Mais dans ce cas là pourquoi vendre des accessoire de sport pour les Ipod DD (tel le brassard) si il y à un vrai risque ?

Je tien à dire que je ne compte pas courir non plus 2h par jour, je ne suis pas un grand coureur, c'est vraiment rien de méchant.

Et pis les shuffle, ce que j'aime pas ... c'est le shuffle justement.

Mais merci pour le conseil je vais étudier la question.

Quelqu'un aurait il des idées quand même ?


----------



## harry la hache (17 Avril 2008)

le shuffle tu peux desactiver la fonction shuffle et lire tes mp3 en sequentiel


----------



## mocmoc (17 Avril 2008)

Tenez une petite question : Le kit " nike + &#63743; " est il compztible avec les ipod's vidéo .
merci


----------



## EMqA (17 Avril 2008)

iPod nano (toutes générations) seulement.


----------



## Nanaky (17 Avril 2008)

Donc un Ipod Shuffle avec des écouteurs type Sennheiser PMX 70 serait donc une bonne alternative ?


----------



## Gwen (20 Avril 2008)

Perso, je préfère le shuffle pour la course, car je n'ai pas à me soucier de regarder un écran pour changer de morceaux et je prépare ma liste de lecture avant et non pendant que je cours.

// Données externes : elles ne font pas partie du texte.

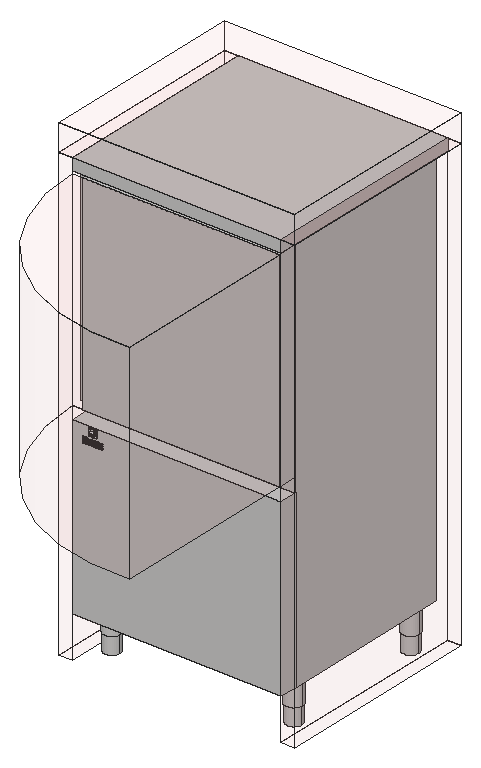
Revit family "QF_ELECTROLUXPROFESSIONAL_725214_ECBCFA040SE", category Attrezzature speciali, Revit 2018
Family settings
  Quota connettore circolare = Usa diametro
  Tipo di parte = Normale
  Basato su piano di lavoro = No
  Sempre verticale = Sì
  Taglio con vuoti quando caricato = No
  Condiviso = No
  Punto di calcolo locali = No
Parameters (values of type "Standard")
  Weight = 140.00 kg
  Watts = 1200 W
  Volts = 380 V
  URL Manufacturer = "https://www.electroluxprofessional.com/"
  URL = "https://www.electroluxprofessional.com/"
  Steam Supply Size = 0 mm
  Steam Supply Minimum Pressure = 0.0 Pa
  Steam Supply Maximum Pressure = 0.0 Pa
  Steam Consumption per Hour = 0
  Show Logo [instance] = yes
  Show Clearance [instance] = yes
  Refrigeration Suction Line Size = 0 mm
  Refrigeration Liquid Line Size = 0 mm
  Refrigerant Compressor Remote = yes
  Produttore = "Electrolux Professional"
  Phase = 3
  Modello = "ECBCFA040SE"
  Length Actual = 762 mm  # constant formula
  Item Number = "725214"
  Hot Water Size = 0 mm
  Height Actual = 1644 mm  # constant formula
  HP = "1.6 HP"
  Gas Size = 0 mm
  Gas KW = 0
  Gas Input Pressure = 0 W
  Direct Waste Size = 0 mm
  Descrizione = "BLAST CHILLER/FREEZER CW 40KG 10 GN 1/1 - R452A"
  Depth Actual = 760 mm  # constant formula
  Cycle = 50 Hz
  Condensate Return Size = 0 mm
  Compressed Air Volume = 0.0 L/s
  Compressed Air Size = 0 mm
  Compressed Air Pressure = 0.0 Pa
  Cold Water Size = 0 mm
  Accessory = yes
Types (2, lengths in mm): name | URL | Produttore | Phase | Modello | Descrizione
  (no name) | 0 | 0 | 0 | 0 | 0
  Standard | "https://www.electroluxprofessional.com/" | "Electrolux Professional" | 3 | "ECBCFA040SE" | "BLAST CHILLER/FREEZER CW 40KG 10 GN 1/1 - R452A"
Values of the unnamed type that differ from the named types
  Weight = 0.00 kg
  Watts = 0 W
  Volts = 0 V
  URL Manufacturer = ""
  Item Number = ""
  HP = ""
  Cycle = 0 Hz
Reference planes
  plane 1 "Center X": y = 167.851
  plane 2: z = 0
  plane 3 "Center Y": x = -378
  plane 4 "LEFT": x = -759
  plane 5 "BACK": y = 547.851
  plane 6 "RIGHT": x = 3
  plane 7 "FRONT": y = -212.149
  plane 8: z = 153
  plane 9 "TOP": z = 1644
  plane 10: x = -710
  plane 11: y = 439.851
  plane 12: x = -46
  plane 13: y = -52.149
  plane 14: y = 495.851
  plane 15: z = 1604
  plane 16: y = -902.149
Forms (mm)
  Extrusion 1, solid, material "QF_Finishes_Stainless Steel"
    sketch origin (0, 0, 1644) x (-1, 0, 0) y (0, -1, 0)
      loop
        line (759, -495.851) -> (759, 147.149) -> (-3, 147.149) -> (-3, -495.851) -> (759, -495.851)
    from -40 to -1491
  Extrusion 2, solid, material "QF_Finishes_Stainless Steel"
    sketch origin (-499.727, 495.851, 1589) x (1, 0, 0) y (0, 0, -1)
      loop
        circle (121.727, 1386) r 10.5
    from 0 to 10
  Extrusion 3, solid, material "QF_Finishes_Stainless Steel"
    sketch origin (-1206.916, -1524, 153) x (-1, 0, 0) y (0, -1, 0)
      loop
        line (-447.916, -1311.851) -> (-1209.916, -1311.851) -> (-1209.916, -1376.851) -> (-447.916, -1376.851) -> (-447.916, -1311.851)
    from 635.577 to 0
  Extrusion 4, solid, material "QF_Finishes_Stainless Steel"
    sketch origin (-1225.916, -1561, 130) x (0, -1, 0) y (-1, 0, 0)
      loop
        circle (-1673.851, -847.916) r 9.5
    from 30 to 40
  Extrusion 5, solid, material "QF_Finishes_Stainless Steel"
    sketch origin (-623, 0, 1060.038) x (1, 0, 0) y (0, 1, 0)
      loop
        line (620, -212.149) -> (620, -147.149) -> (-136, -147.149) -> (-136, -212.149) -> (620, -212.149)
    from 534.886 to -224.114
  Extrusion 6, solid, material "QF_Finishes_Stainless Steel"
    sketch origin (-1206.916, -1524, 1624) x (-1, 0, 0) y (0, -1, 0)
      loop
        line (-447.916, -2071.851) -> (-447.916, -1311.851) -> (-1209.916, -1311.851) -> (-1209.916, -2071.851) -> (-447.916, -2071.851)
    from 20 to -20
  Extrusion 7, solid, material "QF_Clearance", visible <- "Show Clearance"
    sketch origin (0, 0, 0) x (1, 0, 0) y (0, 1, 0)
      loop
        line (-759, 547.851) -> (-809, 547.851) -> (-809, -212.149) -> (-759, -212.149) -> (-759, 547.851)
      loop
        line (53, 547.851) -> (3, 547.851) -> (3, -212.149) -> (53, -212.149) -> (53, 547.851)
    from 0 to 1644
  Extrusion 8, solid, material "QF_Clearance", visible <- "Show Clearance"
    sketch origin (0, 0, 0) x (1, 0, 0) y (0, 1, 0)
      loop
        line (-809, 547.851) -> (-809, -212.149) -> (53, -212.149) -> (53, 547.851) -> (-809, 547.851)
    from 1644 to 1744
  Extrusion 9, solid, material "QF_Clearance", visible <- "Show Clearance"
    sketch origin (0, 0, 0) x (1, 0, 0) y (0, 1, 0)
      loop
        line (3, -902.149) -> (3, -212.149) -> (-759, -212.149)
        arc (-759, -212.149) -> (-529.072, -723.985) -> (3, -902.149) r 699.429
    from 835.924 to 1594.924
  Extrusion 10, void
    sketch origin (0, 0, 0) x (1, 0, 0) y (0, 1, 0)
      loop
        line (-759, -212.149) -> (-719, -212.149) -> (-719, -172.149) -> (-759, -172.149) -> (-759, -212.149)
    from 835.924 to 1594.924
Cuts and joins
  joined: Extrusion 1, Extrusion 2, Extrusion 4
  Extrusion 10 cuts Extrusion 3
  Extrusion 10 cuts Extrusion 7
  Extrusion 10 cuts Extrusion 5
Lines and regions (mm)
  Split face 1
    outline origin (3, -212.149, 153) x (-1, 0, 0) y (0, 0, -1)
      loop
        line (762, -571.811) -> (562, -571.811) -> (537.858, -547.669) -> (224.142, -547.669) -> (200, -571.811) -> (0, -571.811)
  Split face 2
    outline origin (3, -212.149, 153) x (-1, 0, 0) y (0, 0, -1)
      loop
        line (762, -529.311) -> (0, -529.311)
  Split face 3
    outline origin (3, -212.149, 153) x (-1, 0, 0) y (0, 0, -1)
      loop
        line (408.5, -620.809) -> (408.5, -605.809) -> (353.5, -605.809) -> (353.5, -620.809) -> (408.5, -620.809)
  Split face 4
    outline origin (3, -212.149, 128) x (-1, 0, 0) y (0, 0, -1)
      loop
        line (408.5, -620.809) -> (408.5, -605.809) -> (353.5, -605.809) -> (353.5, -620.809) -> (408.5, -620.809)
  symbolic lines
    curve 1: line (-759, 547.851, 1644) -> (3, 547.851, 1644)
    curve 2: line (-759, -212.149, 1644) -> (-759, 547.851, 1644)
    curve 3: line (3, 547.851, 1644) -> (3, -212.149, 1644)
    curve 4: line (3, -212.149, 0) -> (-759, -212.149, 0)
  symbolic lines, style "QF_Clearances"
    curve 5: line (-809, 547.851, 0) -> (-809, -212.149, 0)
    curve 6: line (-809, -212.149, 0) -> (-759, -212.149, 0)
    curve 7: line (53, 547.851, 0) -> (3, 547.851, 0)
    curve 8: line (53, 547.851, 0) -> (53, -212.149, 0)
    curve 9: line (-759, 547.851, 0) -> (-809, 547.851, 0)
    curve 10: line (3, -212.149, 0) -> (53, -212.149, 0)
  symbolic lines, style "QF_Door-Drawer Clearances"
    curve 11: arc (-759, -212.149, 0) -> (-529.072, -723.985, 0) -> (3, -902.149, 0) r 699.429
    curve 12: line (3, -902.149, 0) -> (3, -212.149, 0)
Dimensions and locks
  equal spacing: plane 4 "LEFT", plane 3 "Center Y", plane 6 "RIGHT"
  plane 4 "LEFT" to plane 6 "RIGHT" = 762 mm
  plane 5 "BACK" to plane 7 "FRONT" = 760 mm
  equal spacing: plane 5 "BACK", plane 1 "Center X", plane 7 "FRONT"
  cut or joined group of Extrusion 1, Extrusion 2, Extrusion 4 to Extrusion 2 sketch curve = 381 mm
  level to Extrusion 2 sketch curve = 203 mm
  plane 5 "BACK" to Extrusion 4 sketch curve = 435 mm
  plane 4 "LEFT" to Extrusion 4 sketch curve = 381 mm
  Extrusion 2 sketch curve to plane 4 "LEFT" = 381 mm
  plane 9 "TOP" to plane 2 = 1644 mm
  locked: plane 9 "TOP" to plane 15 at 40
  plane 8 to level = 153 mm
  plane 6 "RIGHT" to plane 12 = 49 mm
  plane 5 "BACK" to plane 14 = 52 mm
  plane 5 "BACK" to plane 16 = 1450 mm
  aligned and locked: level to plane 2
  aligned and locked: plane 12 to nested 3
  aligned and locked: plane 12 to nested 2
  aligned and locked: nested 4 to plane 11
  aligned and locked: nested 3 to plane 11
  aligned and locked: Extrusion 1 to plane 4 "LEFT"
  aligned and locked: plane 6 "RIGHT" to Extrusion 1
  aligned and locked: plane 14 to Extrusion 1
  aligned and locked: Extrusion 8 sketch curve to Extrusion 7  (x4)
  aligned and locked: Extrusion 8 to plane 9 "TOP"
  aligned and locked: Extrusion 6 to plane 15
  aligned and locked: plane 9 "TOP" to Extrusion 6
  aligned and locked: plane 15 to cut or joined group of Extrusion 1, Extrusion 2, Extrusion 4
  aligned and locked: Extrusion 1 to plane 8
  aligned and locked: plane 9 "TOP" to Extrusion 7
Automatic sketch dimensions
  Extrusion 1 sketch curve to plane 6 "RIGHT" = 0 mm
  Extrusion 1 sketch curve to plane 4 "LEFT" = 0 mm
  Extrusion 1 sketch curve to plane 14 = 0 mm
  plane 7 "FRONT" to Extrusion 1 sketch curve = 65 mm
  curve 1 to plane 5 "BACK" = 0 mm
  curve 1 to plane 6 "RIGHT" = 0 mm
  curve 2 to plane 4 "LEFT" = 0 mm
  curve 3 to plane 7 "FRONT" = 0 mm
  curve 2 to plane 7 "FRONT" = 0 mm
  Extrusion 3 sketch curve to plane 6 "RIGHT" = 0 mm
  Extrusion 3 sketch curve to plane 4 "LEFT" = 0 mm
  Extrusion 3 sketch curve to plane 7 "FRONT" = 0 mm
  Extrusion 3 sketch curve to Extrusion 3 sketch curve = 65 mm
  Extrusion 5 sketch curve to plane 7 "FRONT" = 0 mm
  Extrusion 5 sketch curve to plane 10 = 49 mm
  Extrusion 5 sketch curve to plane 6 "RIGHT" = 6 mm
  Extrusion 5 sketch curve to Extrusion 5 sketch curve = 65 mm
  Extrusion 6 sketch curve to plane 5 "BACK" = 0 mm
  Extrusion 6 sketch curve to plane 6 "RIGHT" = 0 mm
  Extrusion 6 sketch curve to plane 4 "LEFT" = 0 mm
  Extrusion 6 sketch curve to plane 7 "FRONT" = 0 mm
  Split face 1 sketch curve to Extrusion 3 = 0 mm
  Extrusion 3 to Split face 1 sketch curve = 0 mm
  Split face 1 sketch curve to Extrusion 3 = 63.766 mm
  Split face 1 sketch curve to Extrusion 3 = 200 mm
  Split face 1 sketch curve to Split face 1 sketch curve = 24.142 mm  (x3)
  Split face 1 sketch curve to Extrusion 3 = 87.908 mm
  Split face 1 sketch curve to Extrusion 3 = 224.142 mm
  Split face 2 sketch curve to Extrusion 3 = 0 mm
  Extrusion 3 to Split face 2 sketch curve = 0 mm
  Split face 2 sketch curve to Extrusion 3 = 106.266 mm
  Split face 3 sketch curve to Extrusion 3 = 14.768 mm
  Split face 3 sketch curve to Extrusion 3 = 353.5 mm
  Split face 3 sketch curve to Split face 3 sketch curve = 55 mm
  Split face 3 sketch curve to Split face 3 sketch curve = 15 mm
  Split face 4 sketch curve to Extrusion 3 = 39.768 mm
  Split face 4 sketch curve to Extrusion 3 = 353.5 mm
  Split face 4 sketch curve to Split face 4 sketch curve = 55 mm
  Split face 4 sketch curve to Split face 4 sketch curve = 15 mm
  Extrusion 7 sketch curve to plane 7 "FRONT" = 0 mm  (x2)
  Extrusion 7 sketch curve to plane 5 "BACK" = 0 mm  (x2)
  Extrusion 7 sketch curve to plane 4 "LEFT" = 0 mm
  Extrusion 7 sketch curve to plane 6 "RIGHT" = 0 mm
  Extrusion 7 sketch curve to Extrusion 7 sketch curve = 50 mm
  plane 6 "RIGHT" to Extrusion 7 sketch curve = 50 mm
  curve 9 to plane 5 "BACK" = 0 mm
  curve 5 to plane 7 "FRONT" = 0 mm
  curve 6 to plane 4 "LEFT" = 0 mm
  curve 9 to plane 4 "LEFT" = 0 mm
  curve 11 to plane 6 "RIGHT" = 0 mm
  curve 7 to plane 5 "BACK" = 0 mm
  curve 7 to plane 6 "RIGHT" = 0 mm
  curve 12 to plane 16 = 0 mm
  curve 6 to curve 11 = 50 mm
  plane 7 "FRONT" to curve 11 = 6.622 mm
  plane 6 "RIGHT" to curve 8 = 50 mm
  Extrusion 9 sketch curve to plane 4 "LEFT" = 0 mm
  Extrusion 9 sketch curve to plane 6 "RIGHT" = 0 mm
  Extrusion 9 sketch curve to plane 16 = 0 mm
  Extrusion 9 sketch curve to plane 7 "FRONT" = 0 mm
  plane 7 "FRONT" to Extrusion 9 sketch curve = 6.622 mm
  Extrusion 10 sketch curve to plane 4 "LEFT" = 0 mm
  Extrusion 10 sketch curve to plane 7 "FRONT" = 0 mm
  Extrusion 10 sketch curve to plane 10 = 9 mm
  Extrusion 10 sketch curve to Extrusion 10 sketch curve = 40 mm
  radius of Extrusion 2 sketch curve = 10.5 mm
  radius of Extrusion 4 sketch curve = 9.5 mm
Nested families
  nested 1: "Foot_Complete" at (-710, -92.149, 0), type "Foot_Complete"
    with H 153 mm
  nested 2: "Foot_Complete" at (-46, -92.149, 0), type "Foot_Complete"
    with H 153 mm
  nested 3: "Foot_Complete" at (-46, 439.851, 0), type "Foot_Complete"
    with H 153 mm
  nested 4: "Foot_Complete" at (-710, 439.851, 0), type "Foot_Complete"
    with H 153 mm
  nested 5: "ELX_Pro_Logo" at (-683, -212.149, 754.674) x (1, 0, 0) z (0, -1, 0), type "ELX_Pro_Logo"
Connectors
  electrical at (-378, 505.851, 203), driven by "Volts"
    settings: on Extrusion 2, index 5, voltage 380 V, apparent load 0 VA, apparent load phase1 0 VA, apparent load phase2 0 VA, apparent load phase3 0 VA, power factor 1, load classification "Altro", number of poles 1, system type 30, power factor state 1, is connector primary yes, connector utility no, sub classification motor no, connector description "Electrical Connection"
  piping at (-378, 112.851, 90), diameter 19
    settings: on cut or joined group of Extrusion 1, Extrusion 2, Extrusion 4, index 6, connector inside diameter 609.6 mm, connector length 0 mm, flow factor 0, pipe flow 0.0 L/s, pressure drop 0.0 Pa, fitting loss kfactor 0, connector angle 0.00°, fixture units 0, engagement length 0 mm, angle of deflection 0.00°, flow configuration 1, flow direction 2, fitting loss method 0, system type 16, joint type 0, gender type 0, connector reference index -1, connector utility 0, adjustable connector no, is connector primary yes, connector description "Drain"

Ensuite, c'est vrai que le Kit NIKE n'est compatible qu'avec les nano, mais le sera bientôt avec les iPhone et iPod touch, cela peut être sympa pour suivre son évolution.


----------



## guiguilap (20 Avril 2008)

Tout à fait d'accord, courir avec son iPod Vidéo, c'est signer son arrêt de mort !


----------



## flotow (20 Avril 2008)

guiguilap a dit:


> Tout à fait d'accord, courir avec son iPod Vidéo, c'est signer son arrêt de mort !



pourquoi? pour le disque dur?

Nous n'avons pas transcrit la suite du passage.